Why is the tree protocol deadlock free?

Question

I have been reading about the tree protocol as an approach in locking management in databases. I read that it is deadlock free but I am not sure how it works.
Example:

Assume that T1 has locked B, D, E in exclusive mode.
According to the rules:

T2 can lock H (allowed by rule 2).
Now if T1 wants to lock H it can not despite the fact that it has locked the parent D since T2 has the lock so it waits.
If T2 now wants to lock G it has to lock D but D is locked by T1 so it has to wait.
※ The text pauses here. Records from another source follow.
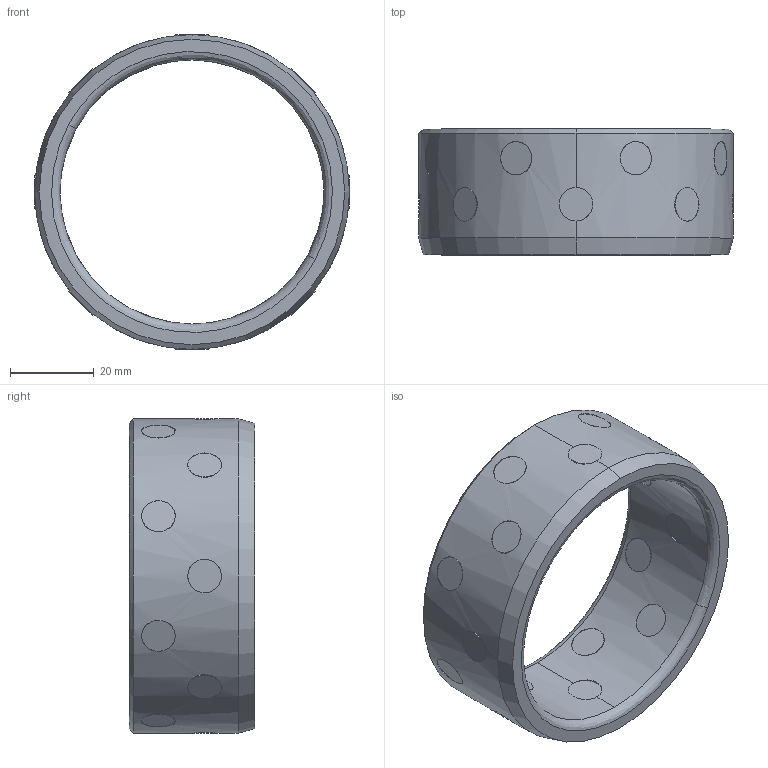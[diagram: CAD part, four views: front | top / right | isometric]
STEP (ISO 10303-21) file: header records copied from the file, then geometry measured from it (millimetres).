
FILE_DESCRIPTION (( 'STEP AP214' ), '1' );
FILE_NAME ('D30.04_633075.step', '2011-12-24T20:23:30', ( 'Dell' ), ( '' ), 'SwSTEP 2.0', 'SolidWorks 2010', '' );
FILE_SCHEMA (( 'AUTOMOTIVE_DESIGN' ));
Length unit declared in the file: millimetre
Products named in the file (5): D30.04_633075; Part15_3_Varsayýlan; Gathered Part15 on CircPattern.2_3_Varsayýlan; 1_3_Varsayýlan; Gathered Part15 on CircPattern.11_3_Varsayýlan
Assembly tree (20 placements, depth 3):
  D30.04_633075
    Part15_3_Varsayýlan  x2
    Gathered Part15 on CircPattern.11_3_Varsayýlan
      Part15_3_Varsayýlan  x8
    1_3_Varsayýlan
    Gathered Part15 on CircPattern.2_3_Varsayýlan
      Part15_3_Varsayýlan  x7
Bounding box: 75 x 30 x 75 mm (x, y, z)
Volume: 38335.5 mm3; surface area: 19981.5 mm2
Topology: 18 solids, 18 shells, 114 faces, 242 edges, 160 vertices
Faces by surface type: cylinder 70, plane 36, bspline 4, cone 4
Entity records: 4242 total; most frequent: CARTESIAN_POINT 2729, ORIENTED_EDGE 292, DIRECTION 236, EDGE_CURVE 146, VERTEX_POINT 96, AXIS2_PLACEMENT_3D 95, EDGE_LOOP 80, B_SPLINE_CURVE_WITH_KNOTS 74

Hence deadlock.
What am I misunderstanding in the algorithm?

Answer 1

In your example, rule 2 of the tree protocol does not allow T2 to even request a lock on G, thus there cannot be a deadlock.

The first item locked by T2 is H. By rule 2, T2 can request locks only for descendants of H (J in the example).

If T2 needs a lock on both H and G, then the first lock request must be on their parent D (or any ancestor of both H and G).

Answer 2

I suppose your problem is solved until now but I answer just for others.

In your scenario there is a problem and it is that T2 locked H for its first locking position (according to algorithm it's true and you can start from any position), but T2 never can climbing up to root and lock other nodes, so if T2 start from H never allowed to need G. For example if T2 needs G and H, so should start from a node that contain both.

let me know if my answer is true or wrong...

Answer 3

an explanation which i can think of is :

since locks can be released anytime, hence suppose T2 after accessing H in exclusive mode, releases it, hence T1 can access it and then suppose T1 releases all it locks and commits, after which T2 can acquire lock on A,B, D and then G

since it is not 2-phase locking hence locks can be released anytime.

If you have any other explanation, kindly share the same.

Answer 4

T2 cannot lock D as its parent is not locked by T2 at the time.